EDIT please see my update edits at the bottom of this post

I have used both Scala and now Pyspark to do the same task, but I am having problems with VERY slow saves of a dataframe to parquet or csv, or converting a dataframe to a list or array type data structure. Below is the relevant python/pyspark code and info:

#Table is a List of Rows from small Hive table I loaded using
#query = "SELECT * FROM Table"
#Table = sqlContext.sql(query).collect()

for i in range(len(Table)):

    rows = sqlContext.sql(qry)
    val1 = Table[i][0]
    val2 = Table[i][1]
    count = Table[i][2]
    x = 100 - count

#hivetemp is a table that I copied from Hive to my hfs using:
#create external table IF NOT EXISTS hive temp LIKE hivetableIwant2copy LOCATION "/user/name/hiveBackup";
#INSERT OVERWRITE TABLE hivetemp SELECT * FROM hivetableIwant2copy;

    query = "SELECT * FROM hivetemp WHERE col1<>\""+val1+"\" AND col2 ==\""+val2+"\" ORDER BY RAND() LIMIT "+str(x)

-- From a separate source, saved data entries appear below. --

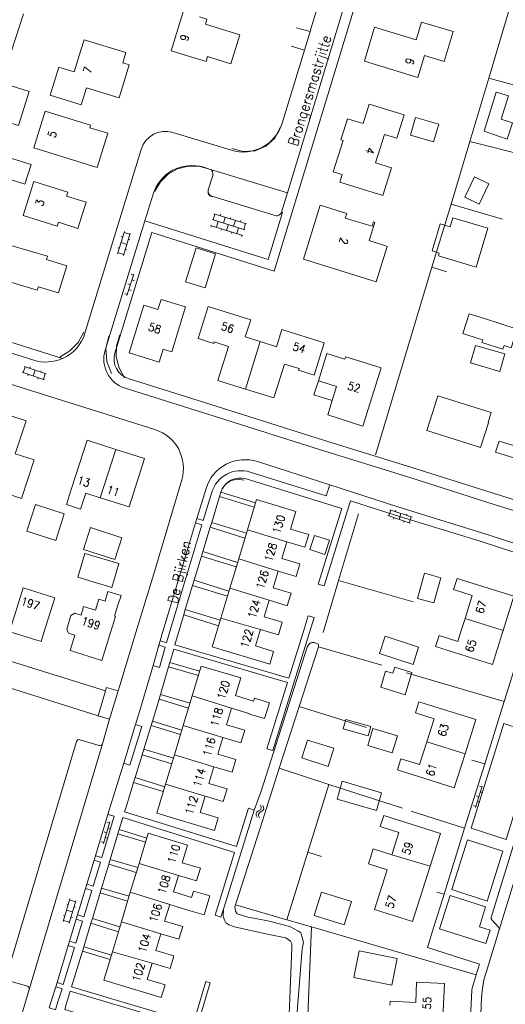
# Model space of a CAD drawing. Header units: metres. Extents: x 189705 to 199106, y 581686 to 588448.
# Tile 488 of 555: x 197896 to 197991, y 585927 to 586121. Entities that reach past the tile are written whole.
import ezdxf

# ---------------------------------------------------------------- set-up
doc = ezdxf.new("R2010")
doc.units = ezdxf.units.M
doc.layers.add('B-WA-OG-GBKN-G', color=7, linetype='Continuous', lineweight=18)
doc.styles.add('Style-STANDARD', font='STANDARD.shx')

msp = doc.modelspace()

# ---------------------------------------------------------------- linework, layer by layer
at = {"layer": 'B-WA-OG-GBKN-G'}
for p, q in [((197934.041, 586082.343), (197933.685, 586081.198)), ((197933.85, 586082.403), (197940.248, 586080.413)), ((197935.133, 586082.318), (197935.044, 586082.032)), ((197933.494, 586081.257), (197939.892, 586079.267)), ((197934.688, 586080.886), (197934.332, 586079.742)), ((197936.047, 586081.72), (197935.69, 586080.574)), ((197937.138, 586081.694), (197937.049, 586081.408)), ((197938.052, 586081.096), (197937.696, 586079.95)), ((197939.144, 586081.071), (197939.054, 586080.784)), ((197940.057, 586080.473), (197939.701, 586079.327)), ((197914.892, 586074.529), (197916.226, 586078.932)), ((197916.04, 586074.181), (197917.374, 586078.584)), ((197916.168, 586078.74), (197917.316, 586078.392)), ((197933.138, 586080.113), (197939.536, 586078.123)), ((197933.329, 586080.054), (197933.24, 586079.767)), ((197935.334, 586079.43), (197935.245, 586079.144)), ((197936.693, 586080.262), (197936.337, 586079.118)), ((197937.34, 586078.806), (197937.251, 586078.52)), ((197938.698, 586079.639), (197938.342, 586078.495)), ((197915.559, 586076.731), (197916.707, 586076.383)), ((197915.605, 586077.918), (197915.893, 586077.831)), ((197917.012, 586077.388), (197917.299, 586077.3)), ((197939.345, 586078.183), (197939.256, 586077.896)), ((197914.939, 586075.719), (197915.226, 586075.632)), ((197914.95, 586074.721), (197916.098, 586074.373)), ((197916.404, 586075.38), (197916.691, 586075.293)), ((197916.701, 586066.345), (197918.091, 586070.52)), ((197917.553, 586070.488), (197918.028, 586070.33)), ((197917.712, 586069.381), (197918.186, 586069.223)), ((197916.921, 586068.59), (197917.396, 586068.433)), ((197917.08, 586067.484), (197917.554, 586067.326)), ((197916.29, 586066.693), (197916.764, 586066.535)), ((197896.691, 586052.28), (197896.309, 586051.142)), ((197896.502, 586052.343), (197900.862, 586050.876)), ((197897.689, 586052.26), (197897.594, 586051.976)), ((197898.682, 586051.61), (197898.299, 586050.472)), ((197899.867, 586051.527), (197899.772, 586051.243)), ((197896.119, 586051.206), (197900.479, 586049.739)), ((197897.306, 586050.807), (197897.21, 586050.522)), ((197899.294, 586050.138), (197899.198, 586049.853)), ((197900.672, 586050.94), (197900.289, 586049.803)), ((197968.451, 586024.144), (197972.813, 586022.681)), ((197968.07, 586023.006), (197972.431, 586021.544)), ((197968.641, 586024.081), (197968.259, 586022.943)), ((197969.257, 586022.608), (197969.161, 586022.324)), ((197969.639, 586024.062), (197969.544, 586023.778)), ((197970.632, 586023.413), (197970.25, 586022.275)), ((197971.818, 586023.331), (197971.722, 586023.047)), ((197972.623, 586022.745), (197972.241, 586021.607)), ((197971.246, 586021.941), (197971.15, 586021.657)), ((197985.301, 585965.616), (197986.599, 585969.82)), ((197986.063, 585969.777), (197986.54, 585969.629)), ((197986.245, 585968.674), (197986.723, 585968.526)), ((197942.951, 585966.118), (197943.126, 585965.75)), ((197943.431, 585965.991), (197943.609, 585965.625)), ((197985.472, 585967.866), (197985.95, 585967.718)), ((197985.655, 585966.763), (197986.133, 585966.615)), ((197942.3, 585964.676), (197942.116, 585964.403)), ((197942.116, 585964.403), (197942.142, 585964.067)), ((197942.142, 585964.067), (197942.32, 585963.699)), ((197942.635, 585964.908), (197942.3, 585964.676)), ((197942.782, 585964.548), (197942.598, 585964.275)), ((197942.598, 585964.275), (197942.622, 585963.94)), ((197942.972, 585965.151), (197942.635, 585964.908)), ((197943.116, 585964.783), (197942.782, 585964.548)), ((197943.152, 585965.423), (197942.972, 585965.151)), ((197943.449, 585965.016), (197943.116, 585964.783)), ((197943.126, 585965.75), (197943.152, 585965.423)), ((197943.637, 585965.298), (197943.449, 585965.016)), ((197943.609, 585965.625), (197943.637, 585965.298)), ((197984.882, 585965.955), (197985.36, 585965.807)), ((197912.106, 585958.527), (197913.369, 585962.742)), ((197912.832, 585962.694), (197913.311, 585962.551)), ((197942.622, 585963.94), (197942.8, 585963.572)), ((197912.258, 585960.778), (197912.737, 585960.635)), ((197913.024, 585961.593), (197913.503, 585961.449)), ((197911.684, 585958.862), (197912.163, 585958.719)), ((197912.45, 585959.677), (197912.929, 585959.533)), ((197904.194, 585943.181), (197905.492, 585947.595)), ((197905.345, 585942.843), (197906.643, 585947.256)), ((197905.435, 585947.403), (197906.586, 585947.064)), ((197904.843, 585945.388), (197905.994, 585945.05)), ((197904.879, 585946.576), (197905.167, 585946.491)), ((197906.29, 585946.057), (197906.578, 585945.972)), ((197904.231, 585944.371), (197904.519, 585944.287)), ((197904.25, 585943.373), (197905.402, 585943.035)), ((197905.698, 585944.044), (197905.986, 585943.959))]:
    msp.add_line(p, q, dxfattribs=at)
at = {"layer": 'B-WA-OG-GBKN-G', "flags": 128}
for points in [[(197974.197, 586165.335), (197968.352, 586145.697), (197945.684, 586071.124), (197921.638, 586078.684), (197914.358, 586054.971)], [(197948.28, 586086.54), (197966.436, 586146.273), (197971.732, 586164.065)], [(197995.434, 586134.531), (197987.921, 586109.1)], [(197952.746, 586118.279), (197952.962, 586118.991), (197955.673, 586127.836)], [(197896.346, 586121.742), (197893.978, 586114.25), (197888.945, 586115.935), (197891.252, 586123.263)], [(197927.767, 586122.111), (197925.404, 586114.458)], [(197932.288, 586112.353), (197932.586, 586113.319), (197937.178, 586111.901), (197938.942, 586117.612), (197932.169, 586119.704), (197932.464, 586120.66), (197931.002, 586121.112)], [(197963.433, 586112.397), (197965.454, 586119.126), (197973.623, 586116.643), (197974.662, 586120.093), (197980.91, 586118.267)], [(197950.108, 586118.983), (197952.746, 586118.279)], [(197951.627, 586114.597), (197952.746, 586118.279)], [(197980.91, 586118.267), (197979.116, 586112.345), (197975.28, 586113.508), (197973.975, 586109.203), (197963.433, 586112.397)], [(197907.681, 586114.6), (197908.282, 586116.638), (197916.513, 586114.101), (197915.916, 586112.077)], [(197951.627, 586114.597), (197949.004, 586115.392)], [(197907.681, 586114.6), (197906.375, 586110.34), (197903.35, 586111.267), (197901.649, 586105.715)], [(197925.404, 586114.458), (197932.288, 586112.353)], [(197947.259, 586100.219), (197951.627, 586114.597)], [(197915.169, 586105.181), (197917.158, 586111.696)], [(197917.158, 586111.696), (197915.916, 586112.077)], [(197890.615, 586101.236), (197895.383, 586099.74), (197897.484, 586106.434), (197892.716, 586107.93)], [(197987.921, 586109.1), (197984.183, 586096.616)], [(197987.921, 586109.1), (198000, 586105.764)], [(197901.649, 586105.715), (197907.735, 586103.843)], [(197907.735, 586103.843), (197908.767, 586107.168), (197915.169, 586105.181)], [(197991.806, 586105.572), (197990.328, 586100.983), (197992.554, 586100.253), (197991.557, 586097.085), (197987.008, 586098.64), (197989.35, 586106.302), (197991.806, 586105.572)], [(197965.614, 586092.409), (197967.362, 586098.02), (197969.845, 586097.247), (197971.276, 586101.84), (197964.4, 586103.983), (197963.2, 586100.134), (197960.106, 586101.098), (197958.814, 586096.938), (197959.234, 586096.807), (197957.323, 586090.653)], [(197912.962, 586098.233), (197909.427, 586099.333), (197909.576, 586099.811), (197900.634, 586102.594), (197898.389, 586095.382), (197910.856, 586091.501)], [(197977.034, 586096.555), (197972.506, 586097.889), (197973.523, 586101.339), (197978.05, 586100.005), (197977.034, 586096.555)], [(197912.962, 586098.233), (197910.856, 586091.501)], [(197925.748, 586098.395), (197937.278, 586094.89)], [(197937.367, 586095.232), (197939.615, 586094.63), (197941.935, 586094.799), (197944.072, 586095.72), (197945.789, 586097.291), (197946.894, 586099.339)], [(197984.183, 586096.616), (197980.482, 586084.256)], [(197999.856, 586092.61), (197995.124, 586093.857), (197984.183, 586096.616)], [(197889.007, 586090.631), (197896.66, 586088.229), (197897.864, 586092.065), (197890.211, 586094.467)], [(197908.447, 586058.882), (197914.547, 586078.815), (197919.512, 586095.072)], [(197965.614, 586092.409), (197968.75, 586091.432), (197967.058, 586086.004), (197958.615, 586088.635), (197959.073, 586090.104)], [(197932.94, 586091.173), (197930.883, 586091.756), (197928.745, 586091.781), (197926.675, 586091.247), (197924.817, 586090.19), (197923.3, 586088.684), (197922.229, 586086.833)], [(197932.945, 586091.201), (197931.838, 586091.538)], [(197932.738, 586087.083), (197933.611, 586089.954)], [(197948.28, 586086.54), (197932.945, 586091.201)], [(197959.073, 586090.104), (197957.323, 586090.653)], [(197908.694, 586084.678), (197904.867, 586085.866), (197905.104, 586086.631), (197898.418, 586088.718), (197896.335, 586082.043), (197903.029, 586079.954), (197903.267, 586080.716), (197907.095, 586079.521)], [(197986.043, 586084.285), (197983.222, 586085.63), (197985.13, 586089.631), (197987.95, 586088.286), (197986.043, 586084.285)], [(197921.863, 586086.232), (197920.259, 586081.005)], [(197932.718, 586087.017), (197932.674, 586086.416), (197933.002, 586085.911), (197933.57, 586085.709)], [(197948.28, 586086.54), (197947.116, 586082.713)], [(197908.694, 586084.678), (197907.095, 586079.521)], [(197945.869, 586082.047), (197933.404, 586085.836)], [(197980.482, 586084.256), (197976.737, 586071.898)], [(197980.482, 586084.256), (197990.611, 586081.328)], [(197947.116, 586082.713), (197947.308, 586082.655), (197944.49, 586073.387), (197920.259, 586081.005)], [(197965.48, 586080.71), (197964.37, 586077.11), (197967.61, 586076.073), (197967.9, 586075.98), (197965.74, 586069.03), (197951.43, 586073.47), (197954.71, 586084.06)], [(197954.71, 586084.06), (197959.958, 586082.433), (197959.688, 586081.563), (197964.936, 586079.936), (197965.203, 586080.796), (197965.48, 586080.71)], [(197920.259, 586081.005), (197912.446, 586055.558)], [(197985.418, 586071.911), (197977.999, 586074.134), (197978.16, 586074.669), (197976.744, 586075.093), (197978.356, 586080.39), (197980.29, 586079.811), (197980.826, 586081.602), (197987.704, 586079.542), (197985.418, 586071.911)], [(197903.278, 586066.844), (197899.33, 586068), (197899.063, 586067.341), (197891.9, 586069.5), (197893.914, 586076.176), (197901.12, 586074.04), (197900.91, 586073.37), (197904.87, 586072.16)], [(197928.277, 586068.987), (197930.354, 586075.678)], [(197928.277, 586068.987), (197932.1, 586067.8), (197934.177, 586074.491), (197930.354, 586075.678)], [(197903.278, 586066.844), (197904.87, 586072.16)], [(197976.737, 586071.898), (197965.629, 586035)], [(197976.737, 586071.898), (197979.656, 586070.999)], [(197856.749, 586068.884), (197875.794, 586062.81), (197904.041, 586053.91)], [(197856.141, 586066.979), (197875.19, 586060.903), (197898.393, 586053.593)], [(197923.043, 586053.231), (197923.832, 586055.784), (197925.547, 586055.254), (197928.27, 586064.066), (197923.431, 586065.562), (197922.812, 586063.561), (197920.04, 586064.418)], [(197923.043, 586053.231), (197917.135, 586055.057), (197920.04, 586064.418)], [(197940.027, 586047.922), (197934.638, 586049.617), (197936.737, 586056.289), (197933.887, 586057.186), (197933.794, 586056.89), (197930.744, 586057.85), (197932.729, 586064.159), (197941.068, 586061.543), (197940.009, 586058.166), (197942.953, 586057.242)], [(197987.045, 586061.775), (197984.03, 586062.729), (197982.796, 586058.832), (197985.798, 586057.887)], [(197987.045, 586061.775), (197993.513, 586059.702), (197992.333, 586056.023), (197990.917, 586056.477), (197990.686, 586055.759), (197986.569, 586057.078), (197986.733, 586057.588), (197985.798, 586057.887)], [(197908.232, 586059.115), (197907.108, 586057.085), (197905.499, 586055.412), (197903.515, 586054.209)], [(197942.953, 586057.242), (197946.134, 586056.244), (197947.194, 586059.622), (197955.533, 586057.006), (197953.542, 586050.677), (197950.502, 586051.634), (197950.595, 586051.929), (197947.716, 586052.835), (197945.617, 586046.163), (197940.027, 586047.922)], [(197913.139, 586058.337), (197912.587, 586055.864), (197912.765, 586053.337), (197913.658, 586050.966)], [(197915.321, 586058.563), (197914.682, 586056.44), (197914.631, 586054.223), (197915.173, 586052.073), (197916.268, 586050.145)], [(197940.027, 586047.922), (197942.953, 586057.242)], [(197990.094, 586051.38), (197984.315, 586053.047), (197985.305, 586056.477), (197991.083, 586054.81), (197990.094, 586051.38)], [(197922.239, 586039.938), (197893.602, 586048.932), (197876.647, 586054.137)], [(197954.378, 586049.551), (197956.065, 586054.88)], [(197963.164, 586040.628), (197966.731, 586052.081), (197959.764, 586054.251), (197959.615, 586053.774), (197956.065, 586054.88)], [(197916.981, 586049.982), (197934.304, 586044.53), (197955.401, 586037.847), (197972.804, 586032.489), (197989.798, 586027.073), (198000, 586023.868)], [(197954.378, 586049.551), (197953.503, 586046.786), (197957.097, 586045.648)], [(197957.097, 586045.648), (197957.949, 586048.434), (197954.378, 586049.551)], [(197916.381, 586048.074), (197933.702, 586042.623), (197954.804, 586035.938), (197972.206, 586030.58), (197989.195, 586025.166), (198000, 586021.771)], [(197963.164, 586040.628), (197956.23, 586042.813), (197957.097, 586045.648)], [(197977.285, 586044.656), (197977.888, 586046.587), (197988.397, 586043.288), (197987.764, 586041.328)], [(197890.995, 586043.594), (197896.884, 586041.672), (197894.771, 586035.198), (197898.494, 586033.972), (197896.017, 586026.363), (197892.203, 586027.604), (197893.723, 586032.275), (197888.031, 586034.128)], [(197987.764, 586041.328), (197987.862, 586041.297), (197986.272, 586036.42), (197975.695, 586039.779), (197977.285, 586044.656)], [(198000, 586032.145), (197989.263, 586035.481), (197989.945, 586037.674), (197993.609, 586036.533), (197995.014, 586041.046)], [(197905.85, 586028.32), (197908.9, 586037.83), (197914.517, 586036.032)], [(197914.517, 586036.032), (197911.479, 586026.521)], [(197914.517, 586036.032), (197920.18, 586034.22), (197917.141, 586024.711), (197911.479, 586026.521)], [(197956.628, 586029.046), (197942.397, 586033.635)], [(197918.49, 586000), (197922.024, 586011.561), (197927.51, 586030.027)], [(197935.362, 586028.23), (197936.152, 586029.263), (197937.255, 586029.952), (197938.529, 586030.21), (197939.813, 586030.004)], [(197940.208, 586030.244), (197958.97, 586024.403), (197954.349, 586009.559), (197955.494, 586009.202), (197960.706, 586025.945), (197969.503, 586023.108), (197986.23, 586017.966), (197999.459, 586013.682), (197995.185, 586000)], [(197940.944, 586031.585), (197955.941, 586026.917), (197956.628, 586029.046)], [(197905.85, 586028.32), (197904.851, 586025.193), (197907.62, 586024.308), (197908.62, 586027.435)], [(197932.285, 586028.34), (197930.505, 586022.463)], [(198000, 586015.294), (197986.741, 586019.587), (197970.014, 586024.73), (197956.628, 586029.046)], [(197911.479, 586026.521), (197908.62, 586027.435)], [(197930.505, 586022.463), (197931.749, 586022.086), (197933.418, 586027.596)], [(197933.405, 586021.687), (197934.943, 586026.767)], [(197934.943, 586026.767), (197935.191, 586027.584)], [(197941.766, 586024.699), (197934.943, 586026.767)], [(197935.191, 586027.584), (197935.197, 586027.603), (197935.202, 586027.621)], [(197935.202, 586027.621), (197942.024, 586025.554)], [(197940.422, 586020.233), (197942.208, 586026.167), (197949.981, 586023.825), (197948.933, 586020.346), (197952.479, 586019.277), (197951.728, 586016.785), (197948.182, 586017.854)], [(197904.406, 586023.34), (197902.709, 586018.098), (197897.004, 586019.951), (197898.712, 586025.179), (197904.406, 586023.34)], [(197930.505, 586022.463), (197930.244, 586021.602)], [(197962.267, 586023.377), (197958.342, 586010.282), (197973.016, 586006.044)], [(197915.753, 586018.666), (197914.355, 586014.392), (197908.188, 586016.359), (197909.541, 586020.656), (197915.753, 586018.666)], [(197930.244, 586021.602), (197925.269, 586005.178), (197923.755, 586000)], [(197925.11, 586000), (197926.515, 586004.807), (197931.488, 586021.225), (197930.244, 586021.602)], [(197931.665, 586015.943), (197933.109, 586020.711)], [(197933.109, 586020.711), (197933.405, 586021.687)], [(197939.926, 586018.584), (197933.109, 586020.711)], [(197933.405, 586021.687), (197940.218, 586019.556)], [(197938.707, 586014.535), (197940.422, 586020.233)], [(197940.422, 586020.233), (197948.182, 586017.854)], [(197953.612, 586019.096), (197952.72, 586016.334), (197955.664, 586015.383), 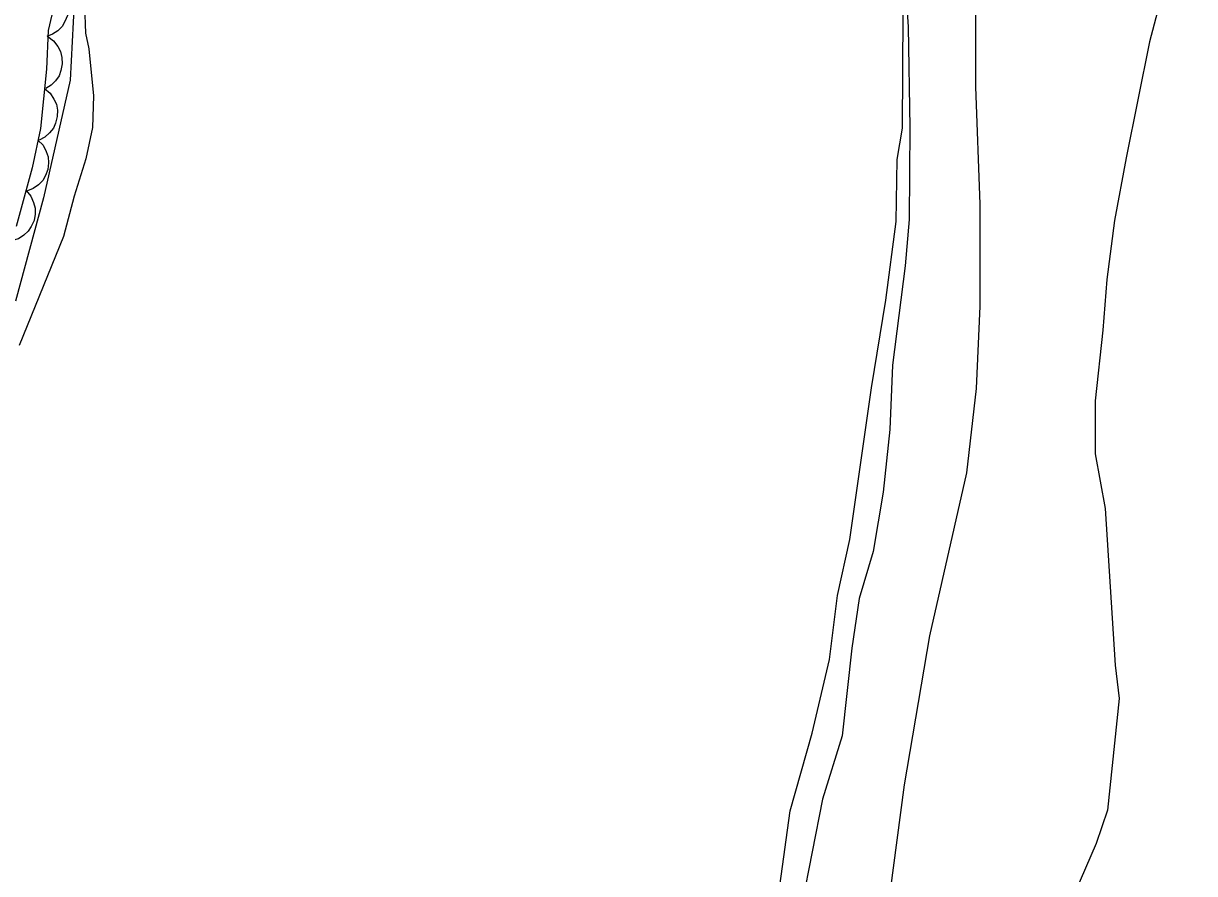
# Model space of a CAD drawing. Extents: x 282461 to 284471, y 5554090 to 5557646.
# Drawn here: x 283852.7 to 283920.2, y 5555588.3 to 5555637.3 of the extents above; entities that cross this region are included whole.
import ezdxf

# ---------------------------------------------------------------- set-up
doc = ezdxf.new("R2010")
doc.units = 0
for name, color, linetype in [('Niveau 1', 7, 'Continuous'), ('Niveau 2', 7, 'Continuous'), ('Niveau 22', 7, 'Continuous'), ('Niveau 4', 7, 'Continuous'), ('Niveau 44', 7, 'Continuous')]:
    doc.layers.add(name, color=color, linetype=linetype)

msp = doc.modelspace()

# ---------------------------------------------------------------- linework, layer by layer
at = {"layer": 'Niveau 1'}
msp.add_lwpolyline([(283902.27, 5555584.16), (283903.5, 5555593.43), (283904.96, 5555602.03), (283907.09, 5555611.41), (283907.65, 5555616.27), (283907.87, 5555621.02), (283907.86, 5555626.9), (283907.62, 5555633.67), (283907.58, 5555656.16)], dxfattribs=at)
at = {"layer": 'Niveau 2'}
for points in [[(283903.5, 5555640.3), (283903.71, 5555637.12), (283903.81, 5555631.33), (283903.78, 5555626.01), (283903.55, 5555623.34), (283902.82, 5555617.63), (283902.65, 5555613.92), (283902.28, 5555610.3), (283901.7, 5555606.88), (283900.9, 5555604.18), (283900.46, 5555601.31), (283899.92, 5555596.25), (283898.78, 5555592.6), (283897.59, 5555586.54)], [(283855.71, 5555639.64), (283855.42, 5555634.05), (283853.89, 5555627.27), (283852.28, 5555621.31)]]:
    msp.add_lwpolyline(points, dxfattribs=at)
at = {"layer": 'Niveau 22'}
msp.add_lwpolyline([(283920.22, 5555646.09), (283917.63, 5555636.25), (283916.28, 5555629.58), (283915.61, 5555625.96), (283915.16, 5555622.57), (283914.94, 5555619.64), (283914.49, 5555615.57), (283914.5, 5555612.52), (283915.07, 5555609.36), (283915.65, 5555600.33), (283915.88, 5555598.41), (283915.21, 5555591.97), (283914.54, 5555590.05), (283912.39, 5555585.08)], dxfattribs=at)
at = {"layer": 'Niveau 4'}
for points in [[(283866.53, 5555665.24), (283866.36, 5555664.39), (283866.25, 5555663.43), (283866.26, 5555659.76), (283865.98, 5555658.06), (283865.41, 5555656.3), (283863.38, 5555651.49), (283860.16, 5555644.86), (283859.14, 5555643.27), (283857.16, 5555640.89), (283856.65, 5555640.04), (283856.31, 5555639.19), (283856.25, 5555638.34), (283856.31, 5555636.75), (283856.49, 5555635.85), (283856.77, 5555633.14), (283856.72, 5555631.32), (283856.33, 5555629.51), (283855.65, 5555627.36), (283855.03, 5555625.04), (283852.49, 5555618.75)], [(283896.32, 5555587.62), (283896.91, 5555591.93), (283898.19, 5555596.41), (283899.18, 5555600.66), (283899.65, 5555604.35), (283900.35, 5555607.58), (283901.6, 5555616.31), (283902.42, 5555621.36), (283903.02, 5555625.9), (283903.09, 5555629.48), (283903.39, 5555631.29), (283903.44, 5555641.23)]]:
    msp.add_lwpolyline(points, dxfattribs=at)
at = {"layer": 'Niveau 44'}
for points in [[(283854.76, 5555639.49), (283855.04, 5555639.18), (283855.22, 5555638.81), (283855.32, 5555638.5), (283855.33, 5555638.15), (283855.27, 5555637.78), (283855.12, 5555637.43), (283854.97, 5555637.15), (283854.71, 5555636.9), (283854.4, 5555636.7), (283854.07, 5555636.57)], [(283854.64, 5555638.99), (283854.15, 5555636.92), (283854.06, 5555634.68), (283853.71, 5555631.26), (283853.24, 5555628.99), (283852.32, 5555625.62)], [(283854.14, 5555636.56), (283854.47, 5555636.31), (283854.71, 5555635.99), (283854.87, 5555635.7), (283854.95, 5555635.36), (283854.97, 5555634.99), (283854.89, 5555634.61), (283854.79, 5555634.3), (283854.58, 5555634.02), (283854.32, 5555633.76), (283854.02, 5555633.57)], [(283853.95, 5555633.57), (283854.27, 5555633.3), (283854.49, 5555632.96), (283854.63, 5555632.67), (283854.69, 5555632.32), (283854.68, 5555631.95), (283854.58, 5555631.58), (283854.46, 5555631.28), (283854.24, 5555631.01), (283853.96, 5555630.76), (283853.64, 5555630.59)], [(283853.57, 5555630.6), (283853.86, 5555630.3), (283854.05, 5555629.94), (283854.16, 5555629.63), (283854.18, 5555629.28), (283854.14, 5555628.91), (283854, 5555628.56), (283853.85, 5555628.27), (283853.6, 5555628.02), (283853.3, 5555627.8), (283852.97, 5555627.67)], [(283852.88, 5555627.69), (283853.16, 5555627.37), (283853.32, 5555627), (283853.41, 5555626.68), (283853.41, 5555626.33), (283853.34, 5555625.97), (283853.18, 5555625.62), (283853.01, 5555625.34), (283852.75, 5555625.11), (283852.44, 5555624.91), (283852.09, 5555624.8)]]:
    msp.add_lwpolyline(points, dxfattribs=at)

doc.saveas('drawing.dxf')

    rows = sqlContext.sql(query)
    rows = rows.withColumn("col4", lit(10))
    rows = rows.withColumn("col5", lit(some_string))
#writing to parquet is heck slow AND I can't work with pandas due to the library not installed on the server
    rows.saveAsParquetFile("rows"+str(i)+".parquet")
#tried this before and heck slow also
    #rows_list = rows.collect()
    #shuffle(rows_list)

I have tried to do the above in Scala, and I had similar problems. I could easily load the hive table or query of a hive table, but needing to do a random shuffle or store a large dataframe encounters memory issues. There were also some challenges with being able to add 2 extra columns.

The Hive table (hiveTemp) that I want to add rows to has 5,570,000 ~5.5 million rows and 120 columns.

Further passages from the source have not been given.